**Dataset records**

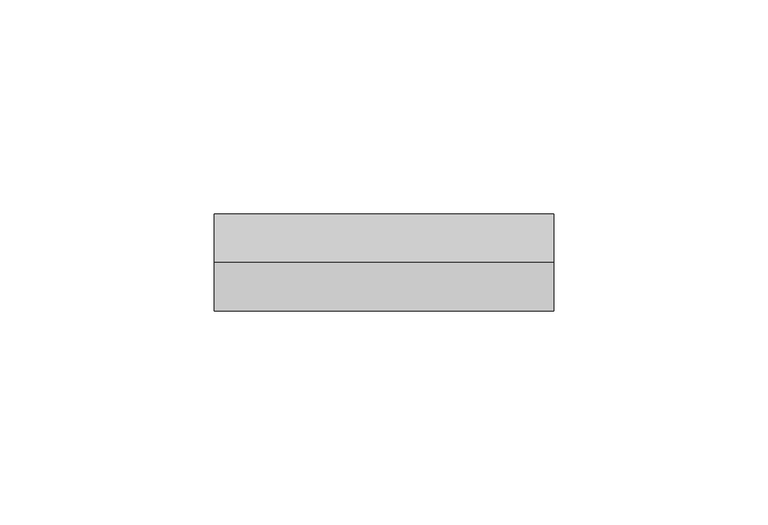
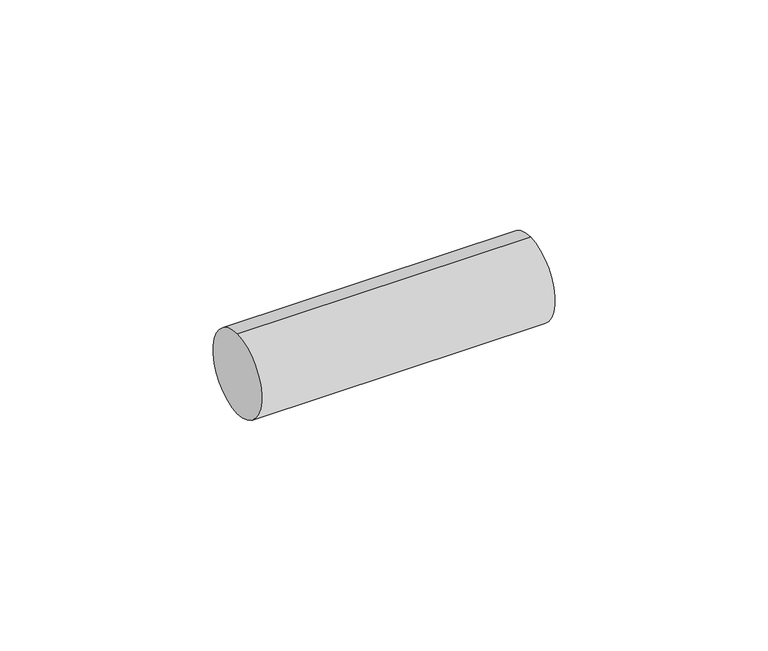
"""IFC4 building model written with IfcOpenShell, lengths in millimetres: proxy geometry, Bolt30:Bolt003:304751 : Bolt30:Bolt003:304751."""

from ifc_helpers import new_model, si_unit, point, frame, frame_2d, origin, place, context, project, spatial, circle_curve, trimmed, segment, composite_curve, outline, extrude, source, transform, mapped, element, save


def generic_models_79e5bdef(model_context):
    return source(origin(), model_context, "Body", "SweptSolid", [
        extrude(outline(composite_curve([segment(trimmed(circle_curve(frame_2d((2264.1630212, 39960.0063132)), 11.4045168), [point((2264.1630212, 39971.41083))], [point((2264.1630212, 39948.6017964))], False, "CARTESIAN"), True, "CONTINUOUS"), segment(trimmed(circle_curve(frame_2d((2264.1630212, 39960.0063132)), 11.4045168), [point((2264.1630212, 39948.6017964))], [point((2264.1630212, 39971.41083))], False, "CARTESIAN"), True, "CONTINUOUS")], self_intersect=False)), frame((15042.0981889, 0.0, 0.0), z_axis=(1.0, 0.0, 0.0), x_axis=(0.0, 1.0, 0.0)), (0.0, 0.0, 1.0), 79.375),
    ])


if __name__ == "__main__":
    model = new_model("IFC4")
    model_context = context("Model", 3, world=origin())
    ifc_project = project(units=[si_unit("LENGTHUNIT", "METRE", prefix="MILLI")], contexts=[model_context])
    site = spatial("IfcSite", under=ifc_project)
    building = spatial("IfcBuilding", under=site)
    placement = place(None, origin())
    generic_models_shape = generic_models_79e5bdef(model_context)
    element("IfcBuildingElementProxy", 1, Name="Bolt30:Bolt003:304751 : Bolt30:Bolt003:304751", ObjectType="Bolt30:Bolt003:304751 : Bolt30:Bolt003:304751", at=placement, inside=building, context=model_context, shape_type="MappedRepresentation", body=[
        mapped(generic_models_shape, transform((0.0, 0.0, 0.0), x_axis=(1.0, 0.0, 0.0), y_axis=(0.0, 1.0, 0.0), z_axis=(0.0, 0.0, 1.0))),
    ])
    save(model, "model.ifc")

# Revit data of these elements
# Type "Bolt30:Bolt003:304751 : Bolt30:Bolt003:304751"
#   NameOverride = "Bolt30:Bolt003:304751"
#   ObjectTypeOverride = "Bolt30:Bolt003"
#   Reference = "Bolt003"
#   Category = "Generic Models"
#   Tag = "304751"
# Element 1 (IfcBuildingElementProxy, "Bolt30:Bolt003:304751 : Bolt30:Bolt003:304751")
#   Materials on its faces: "TUBE STEEL STRINGER WELDED TO ANCHORED STEEL PLATE - SEE STRUCT DWGS"
# Materials
#   "TUBE STEEL STRINGER WELDED TO ANCHORED STEEL PLATE - SEE STRUCT DWGS": class "Unassigned", colour RGB 128 128 128, transparency 0, Cost = 0
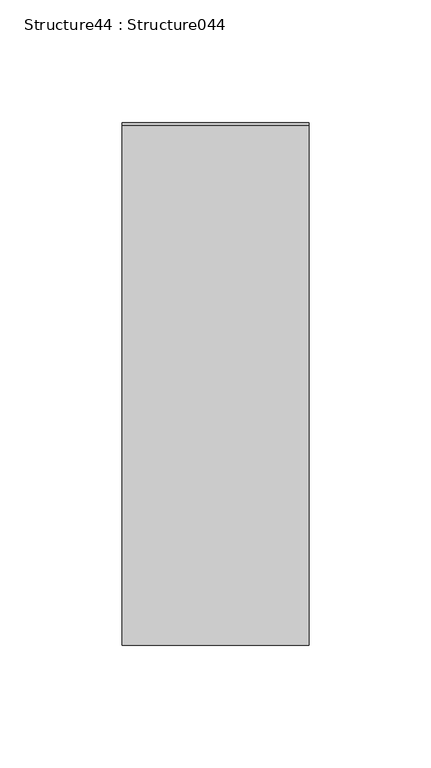
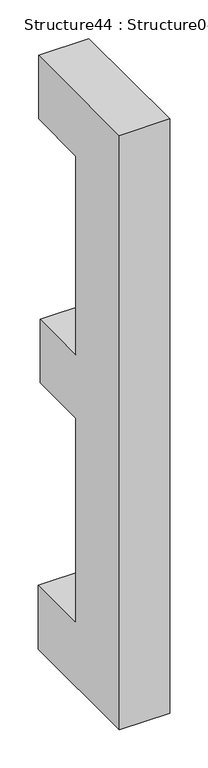
"""IFC4 building model written with IfcOpenShell, lengths in millimetres: proxy geometry, Structure44 : Structure044."""

from ifc_helpers import new_model, si_unit, frame, origin, place, context, project, spatial, polyline, outline, extrude, source, transform, mapped, element, save


def structure44_structure044_871b3205(model_context):
    return source(origin(), model_context, "Body", "SweptSolid", [
        extrude(outline(polyline([(251506.8455788, 4480.4419946), (251718.9780705, 4480.4419946), (251718.9780705, 4378.4602217), (251621.0817153, 4378.4602217), (251621.0817153, 4060.2611693), (251714.8932827, 4060.2611693), (251714.8932827, 3958.2800261), (251621.0817153, 3958.2800261), (251621.0817153, 3630.5630275), (251720.3339984, 3630.5630275), (251720.3339984, 3528.5825142), (251506.8455788, 3528.5825142), (251506.8455788, 4480.4419946)])), frame((-38594.2176606, 0.0, 0.0), z_axis=(1.0, 0.0, 0.0), x_axis=(0.0, 1.0, 0.0)), (0.0, 0.0, 1.0), 76.2),
    ])


if __name__ == "__main__":
    model = new_model("IFC4")
    model_context = context("Model", 3, world=origin())
    ifc_project = project(units=[si_unit("LENGTHUNIT", "METRE", prefix="MILLI")], contexts=[model_context])
    site = spatial("IfcSite", under=ifc_project)
    building = spatial("IfcBuilding", under=site)
    placement = place(None, origin())
    structure44_structure044_shape = structure44_structure044_871b3205(model_context)
    element("IfcBuildingElementProxy", 1, Name="Structure44 : Structure044", ObjectType="Structure44 : Structure044", at=placement, inside=building, context=model_context, shape_type="MappedRepresentation", body=[
        mapped(structure44_structure044_shape, transform((0.0, 0.0, 0.0), x_axis=(1.0, 0.0, 0.0), y_axis=(0.0, 1.0, 0.0), z_axis=(0.0, 0.0, 1.0))),
    ])
    save(model, "model.ifc")

# Revit data of these elements
# Type "Structure44 : Structure044"
#   NameOverride = "Structure044"
# Element 1 (IfcBuildingElementProxy, "Structure44 : Structure044")
#   Materials on its faces: "BRUSHED ALUM. LETTERING"
# Materials
#   "BRUSHED ALUM. LETTERING": class "Unassigned", colour RGB 169 181 186, transparency 0, Cost = 0
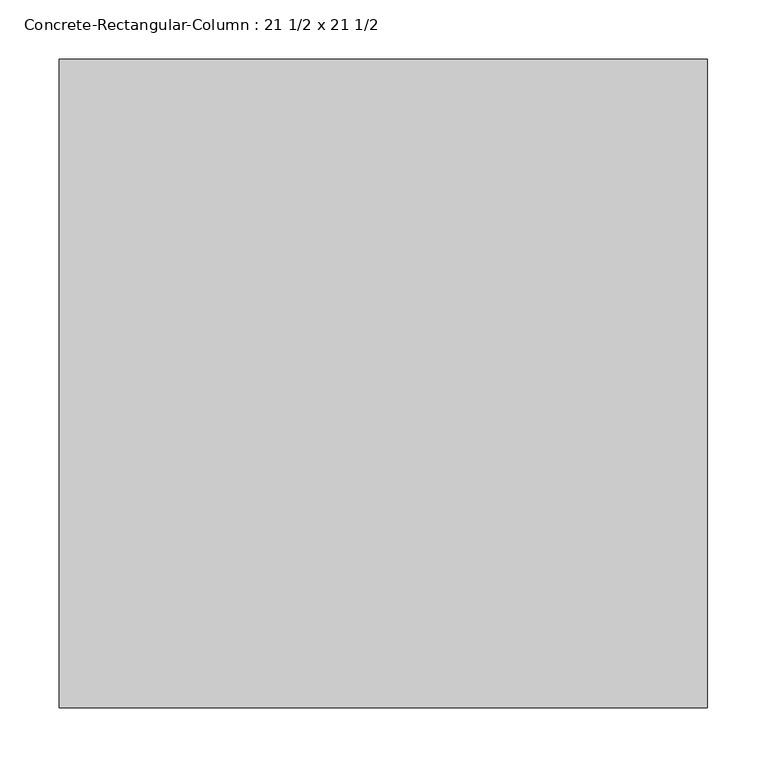
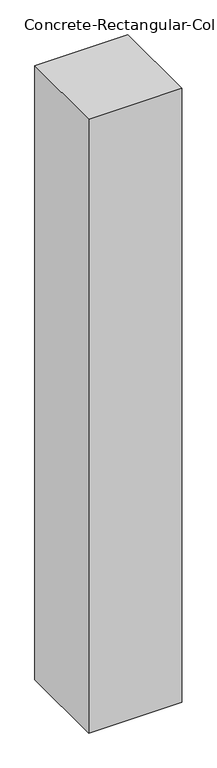
"""IFC4 building model written with IfcOpenShell, lengths in millimetres: column geometry, Concrete-Rectangular-Column : 21 1/2 x 21 1/2."""

import ifcopenshell
import ifcopenshell.guid

model = None  # the IFC model being written
_history = None  # IfcOwnerHistory: only IFC2X3 demands one
_inside = {}  # id of a spatial element -> (the spatial element, [elements in it])
_under = {}  # id of a project, library or spatial element -> (it, [spatial elements below it])
_declared = {}  # id of a project -> (the project, [libraries it declares])
_typed = {}  # id of a type object -> (the type object, [elements of that type])
_made_of = {}  # id of a material, layer set ... -> (it, [elements and type objects made of it])


def new_model(schema):
    """Start an empty IFC model of exactly this schema.

    Asked for "IFC4X3", IfcOpenShell would pick the latest addendum, in which some entities
    have other attributes; the version numbers below select the first issue.
    IFC2X3 requires an IfcOwnerHistory on every rooted entity: one is made here for all.
    """
    global model, _history
    if schema == "IFC4X3":
        model = ifcopenshell.file(schema_version=(4, 3, 0, 0))
    else:
        model = ifcopenshell.file(schema=schema)
    _inside.clear()
    _under.clear()
    _declared.clear()
    _typed.clear()
    _made_of.clear()
    _history = None
    if model.schema == "IFC2X3":
        org = make("IfcOrganization", Name="unknown")
        user = make(
            "IfcPersonAndOrganization",
            ThePerson=make("IfcPerson", FamilyName="unknown"),
            TheOrganization=org,
        )
        app = make(
            "IfcApplication",
            ApplicationDeveloper=org,
            Version="unknown",
            ApplicationFullName="unknown",
            ApplicationIdentifier="unknown",
        )
        _history = make(
            "IfcOwnerHistory",
            OwningUser=user,
            OwningApplication=app,
            ChangeAction="ADDED",
            CreationDate=0,
        )
    return model


def make(cls, **values):
    """One entity of the class cls with the attributes given. An attribute that is None is left unset."""
    return model.create_entity(
        cls, **{name: value for name, value in values.items() if value is not None}
    )


def rooted(cls, **values):
    """An entity with a GlobalId (a new one), such as an element, a storey or a relation."""
    return make(cls, GlobalId=ifcopenshell.guid.new(), OwnerHistory=_history, **values)


def si_unit(unit_type, name, prefix=None):
    """IfcSIUnit, for example si_unit("LENGTHUNIT", "METRE", prefix="MILLI")."""
    return make("IfcSIUnit", UnitType=unit_type, Prefix=prefix, Name=name)


def assignment(units):
    """IfcUnitAssignment: the units of a project."""
    return None if units is None else make("IfcUnitAssignment", Units=units)


def point(xyz):
    """IfcCartesianPoint."""
    return None if xyz is None else make("IfcCartesianPoint", Coordinates=xyz)


def direction(xyz):
    """IfcDirection."""
    return None if xyz is None else make("IfcDirection", DirectionRatios=xyz)


def frame(location, z_axis=None, x_axis=None):
    """IfcAxis2Placement3D, a coordinate frame: its origin and axes. An axis left out is left unset."""
    return make(
        "IfcAxis2Placement3D",
        Location=point(location),
        Axis=direction(z_axis),
        RefDirection=direction(x_axis),
    )


def origin():
    """The frame at (0, 0, 0) with its axes left unset."""
    return frame((0.0, 0.0, 0.0))


def origin_with_axes():
    """The frame at (0, 0, 0) with the z axis (0, 0, 1) and the x axis (1, 0, 0) written out."""
    return frame((0.0, 0.0, 0.0), z_axis=(0.0, 0.0, 1.0), x_axis=(1.0, 0.0, 0.0))


def place(relative_to, where):
    """IfcLocalPlacement: puts the frame where relative to a parent placement (None: the world)."""
    return make(
        "IfcLocalPlacement", PlacementRelTo=relative_to, RelativePlacement=where
    )


def context(
    kind, dimensions, precision=None, world=None, true_north=None, identifier=None
):
    """IfcGeometricRepresentationContext, for example the 3D "Model" context."""
    return make(
        "IfcGeometricRepresentationContext",
        ContextIdentifier=identifier,
        ContextType=kind,
        CoordinateSpaceDimension=dimensions,
        Precision=precision,
        WorldCoordinateSystem=world,
        TrueNorth=true_north,
    )


def project(units=None, contexts=None):
    """IfcProject with its units and contexts."""
    return rooted(
        "IfcProject",
        Name="project",
        RepresentationContexts=contexts,
        UnitsInContext=assignment(units),
    )


def spatial(cls, under=None, at=None, **own):
    """A site, building, storey or space (cls), placed at a placement, below another one or the project."""
    s = rooted(cls, ObjectPlacement=at, **own)
    if under is not None:
        _under.setdefault(under.id(), (under, []))[1].append(s)
    return s


def polyline(points):
    """IfcPolyline through the points."""
    return make("IfcPolyline", Points=[point(p) for p in points])


def outline(outer, holes=None, kind="AREA"):
    """IfcArbitraryClosedProfileDef: a profile drawn as a closed curve; with holes, ...WithVoids."""
    if holes is None:
        return make("IfcArbitraryClosedProfileDef", ProfileType=kind, OuterCurve=outer)
    return make(
        "IfcArbitraryProfileDefWithVoids",
        ProfileType=kind,
        OuterCurve=outer,
        InnerCurves=holes,
    )


def extrude(swept, where, along, depth):
    """IfcExtrudedAreaSolid: the profile swept, set in the frame where, extruded along a direction by depth."""
    return make(
        "IfcExtrudedAreaSolid",
        SweptArea=swept,
        Position=where,
        ExtrudedDirection=direction(along),
        Depth=depth,
    )


def shape(context_of_items, identifier, shape_type, items):
    """IfcShapeRepresentation: the items that make up one representation, for example the "Body"."""
    return make(
        "IfcShapeRepresentation",
        ContextOfItems=context_of_items,
        RepresentationIdentifier=identifier,
        RepresentationType=shape_type,
        Items=items,
    )


def source(mapping_origin, context_of_items, identifier, shape_type, items):
    """IfcRepresentationMap: a shape defined once, which mapped items show again and again."""
    return make(
        "IfcRepresentationMap",
        MappingOrigin=mapping_origin,
        MappedRepresentation=shape(context_of_items, identifier, shape_type, items),
    )


def transform(
    local_origin,
    x_axis=None,
    y_axis=None,
    z_axis=None,
    scale=None,
    scale2=None,
    scale3=None,
    uniform=True,
):
    """IfcCartesianTransformationOperator3D, or its non-uniform kind. x_axis, y_axis, z_axis: its Axis1, 2, 3."""
    if uniform:
        return make(
            "IfcCartesianTransformationOperator3D",
            Axis1=direction(x_axis),
            Axis2=direction(y_axis),
            LocalOrigin=point(local_origin),
            Scale=scale,
            Axis3=direction(z_axis),
        )
    return make(
        "IfcCartesianTransformationOperator3DnonUniform",
        Axis1=direction(x_axis),
        Axis2=direction(y_axis),
        LocalOrigin=point(local_origin),
        Scale=scale,
        Axis3=direction(z_axis),
        Scale2=scale2,
        Scale3=scale3,
    )


def mapped(mapping_source, mapping_target):
    """IfcMappedItem: shows the shape of a source again, moved by a transform."""
    return make(
        "IfcMappedItem", MappingSource=mapping_source, MappingTarget=mapping_target
    )


def made_of(thing, what):
    """Note that an element or type object is made of a material, layer set ...; save() writes the relation."""
    if what is not None:
        _made_of.setdefault(what.id(), (what, []))[1].append(thing)
    return thing


def element(
    cls,
    number,
    at=None,
    inside=None,
    cuts=None,
    type_object=None,
    material=None,
    context=None,
    identifier="Body",
    shape_type=None,
    held_by="IfcProductDefinitionShape",
    body=None,
    shapes=None,
    **own,
):
    """One element of the class cls, such as IfcWall. Its Tag is "e" and its number.

    at: its placement. inside: the storey or other place that contains it. cuts: it is an
    opening in that element (IfcRelVoidsElement). A single representation is given by context,
    identifier, shape_type and body (its items); several are given by shapes. held_by: the class
    of the entity that holds the representations. save() writes the other relations.
    """
    e = rooted(cls, Tag="e%d" % number, ObjectPlacement=at, **own)
    if body is not None:
        shapes = [shape(context, identifier, shape_type, body)]
    if shapes is not None:
        e.Representation = make(held_by, Representations=shapes)
    if inside is not None:
        _inside.setdefault(inside.id(), (inside, []))[1].append(e)
    if cuts is not None:
        rooted(
            "IfcRelVoidsElement", RelatingBuildingElement=cuts, RelatedOpeningElement=e
        )
    if type_object is not None:
        _typed.setdefault(type_object.id(), (type_object, []))[1].append(e)
    return made_of(e, material)


def aggregate(whole, parts):
    """IfcRelAggregates: a whole, such as a stair, and the parts it consists of."""
    return rooted("IfcRelAggregates", RelatingObject=whole, RelatedObjects=parts)


def save(model, path):
    """Write the relations noted so far, then the file.

    IfcRelAggregates (storeys below a building ...), IfcRelContainedInSpatialStructure (elements
    in a storey), IfcRelDefinesByType, IfcRelAssociatesMaterial and IfcRelDeclares: one each for
    every whole, place, type object, material and project.
    """
    for whole, parts in _under.values():
        aggregate(whole, parts)
    for where, things in _inside.values():
        rooted(
            "IfcRelContainedInSpatialStructure",
            RelatedElements=things,
            RelatingStructure=where,
        )
    for kind, things in _typed.values():
        rooted("IfcRelDefinesByType", RelatedObjects=things, RelatingType=kind)
    for what, things in _made_of.values():
        rooted("IfcRelAssociatesMaterial", RelatedObjects=things, RelatingMaterial=what)
    for by, libraries in _declared.values():
        rooted("IfcRelDeclares", RelatingContext=by, RelatedDefinitions=libraries)
    model.write(path)


def concrete_rectangular_column_21_1_2_x_21_1_2_5e8797fa(model_context):
    return source(origin(), model_context, "Body", "SweptSolid", [
        extrude(outline(polyline([(273.05, -273.05), (-273.05, -273.05), (-273.05, 273.05), (273.05, 273.05), (273.05, -273.05)])), origin_with_axes(), (0.0, 0.0, 1.0), 3810.0),
    ])


if __name__ == "__main__":
    model = new_model("IFC4")
    model_context = context("Model", 3, world=origin())
    ifc_project = project(units=[si_unit("LENGTHUNIT", "METRE", prefix="MILLI")], contexts=[model_context])
    site = spatial("IfcSite", under=ifc_project)
    building = spatial("IfcBuilding", under=site)
    placement = place(None, origin())
    concrete_rectangular_column_21_1_2_x_21_1_2_shape = concrete_rectangular_column_21_1_2_x_21_1_2_5e8797fa(model_context)
    element("IfcColumn", 1, ObjectType="Concrete-Rectangular-Column : 21 1/2 x 21 1/2", at=placement, inside=building, context=model_context, shape_type="MappedRepresentation", body=[
        mapped(concrete_rectangular_column_21_1_2_x_21_1_2_shape, transform((0.0, 0.0, 0.0), x_axis=(1.0, 0.0, 0.0), y_axis=(0.0, 1.0, 0.0), z_axis=(0.0, 0.0, 1.0))),
    ])
    save(model, "model.ifc")

# Revit data of these elements
# Type "Concrete-Rectangular-Column : 21 1/2 x 21 1/2"
#   Assembly Code = "B10"
#   b = 546.1 mm
#   h = 546.1 mm
#   Structural Material [instance default] = Concrete - Cast-in-Place Concrete
# Element 1 (IfcColumn, "Concrete-Rectangular-Column : 21 1/2 x 21 1/2")
#   Materials on its faces: "Concrete - Cast-in-Place Concrete"
# Materials
#   "Concrete - Cast-in-Place Concrete": class "Concrete", colour RGB 192 192 192, transparency 0
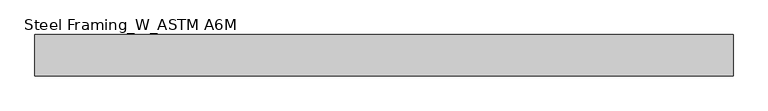
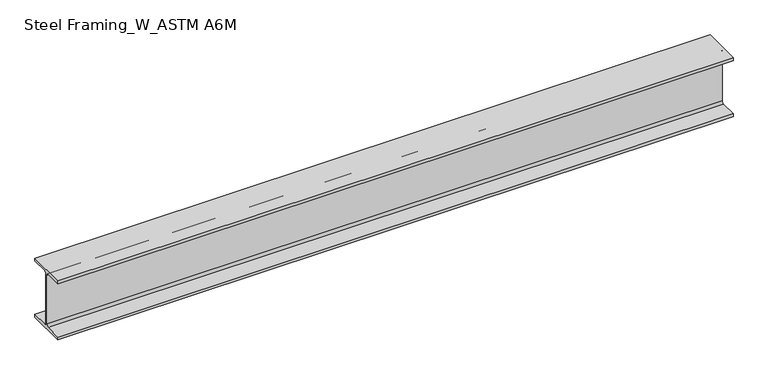
"""IFC4 building model written with IfcOpenShell, lengths in millimetres: beam geometry, Steel Framing_W_ASTM A6M : H_SB_AR_S02_W200x31.3_B6."""

from ifc_helpers import new_model, si_unit, point, frame, frame_2d, origin, place, context, project, spatial, polyline, circle_curve, trimmed, segment, composite_curve, outline, extrude, source, transform, mapped, element, save


def steel_framing_w_astm_a6m_9f313648(model_context):
    return source(origin(), model_context, "Body", "SweptSolid", [
        extrude(outline(composite_curve([segment(polyline([(67.0, -94.8), (67.0, -105.0), (-67.0, -105.0), (-67.0, -94.8), (-10.775, -94.8)]), True, "CONTINUOUS"), segment(trimmed(circle_curve(frame_2d((-10.775, -87.2)), 7.6), [point((-10.775, -94.8))], [point((-3.175, -87.2))], True, "CARTESIAN"), True, "CONTINUOUS"), segment(polyline([(-3.175, -87.2), (-3.175, 87.2)]), True, "CONTINUOUS"), segment(trimmed(circle_curve(frame_2d((-10.775, 87.2)), 7.6), [point((-3.175, 87.2))], [point((-10.775, 94.8))], True, "CARTESIAN"), True, "CONTINUOUS"), segment(polyline([(-10.775, 94.8), (-67.0, 94.8), (-67.0, 105.0), (67.0, 105.0), (67.0, 94.8), (10.775, 94.8)]), True, "CONTINUOUS"), segment(trimmed(circle_curve(frame_2d((10.775, 87.2)), 7.6), [point((10.775, 94.8))], [point((3.175, 87.2))], True, "CARTESIAN"), True, "CONTINUOUS"), segment(polyline([(3.175, 87.2), (3.175, -87.2)]), True, "CONTINUOUS"), segment(trimmed(circle_curve(frame_2d((10.775, -87.2)), 7.6), [point((3.175, -87.2))], [point((10.775, -94.8))], True, "CARTESIAN"), True, "CONTINUOUS"), segment(polyline([(10.775, -94.8), (67.0, -94.8)]), True, "CONTINUOUS")], self_intersect=False)), frame((-1135.8, 0.0, 0.0), z_axis=(1.0, 0.0, 0.0), x_axis=(0.0, 1.0, 0.0)), (0.0, 0.0, 1.0), 2271.6),
    ])


if __name__ == "__main__":
    model = new_model("IFC4")
    model_context = context("Model", 3, world=origin())
    ifc_project = project(units=[si_unit("LENGTHUNIT", "METRE", prefix="MILLI")], contexts=[model_context])
    site = spatial("IfcSite", under=ifc_project)
    building = spatial("IfcBuilding", under=site)
    placement = place(None, origin())
    steel_framing_w_astm_a6m_shape = steel_framing_w_astm_a6m_9f313648(model_context)
    element("IfcBeam", 1, ObjectType="Steel Framing_W_ASTM A6M : H_SB_AR_S02_W200x31.3_B6", at=placement, inside=building, context=model_context, shape_type="MappedRepresentation", body=[
        mapped(steel_framing_w_astm_a6m_shape, transform((0.0, 0.0, 0.0), x_axis=(1.0, 0.0, 0.0), y_axis=(0.0, 1.0, 0.0), z_axis=(0.0, 0.0, 1.0))),
    ])
    save(model, "model.ifc")

# Revit data of these elements
# Type "Steel Framing_W_ASTM A6M : H_SB_AR_S02_W200x31.3_B6"
#   Type Mark = "B6"
#   Section Name Key = "W8x21"
#   Width = 13.4 cm
#   Web Thickness = 0.635 cm
#   Web Fillet = 0.76 cm
#   Warping Constant = 40800.0 cm⁶
#   Torsional Moment of Inertia = 11.70 cm⁴
#   Section Area = 39.7 cm²
#   Plastic Modulus weak axis = 93.2 cm³
#   Plastic Modulus strong axis = 334.0 cm³
#   Perimeter = 0.93 m²/m
#   Nominal Weight = 31.30 kgf/m
#   Moment of Inertia weak axis = 407.00 cm⁴
#   Moment of Inertia strong axis = 3130.00 cm⁴
#   Height = 21.0 cm
#   Flange Thickness = 1.02 cm
#   Elastic Modulus weak axis = 60.8 cm³
#   Elastic Modulus strong axis = 298.0 cm³
#   Centroid Vertical = 10.5 cm
#   Centroid Horizontal = 6.7 cm
#   Length [instance default] = 1500 mm
#   Structural Material [instance default] = Steel, 45-345
#   Bolt Spacing = 0
#   Assembly Code = ""
# Element 1 (IfcBeam, "Steel Framing_W_ASTM A6M : H_SB_AR_S02_W200x31.3_B6")
#   Materials on its faces: "Steel, 45-345"
# Materials
#   "Steel, 45-345": class "Metal", colour RGB 189 187 185, transparency 0, Description = "Steel 345 MPa", Cost = 0

**TASK ITEM**
All lines above that contain "IfcSIUnit" are required in the answer.

**ANSWER TO THIS PROBLEM**
    """IfcSIUnit, for example si_unit("LENGTHUNIT", "METRE", prefix="MILLI")."""
    return make("IfcSIUnit", UnitType=unit_type, Prefix=prefix, Name=name)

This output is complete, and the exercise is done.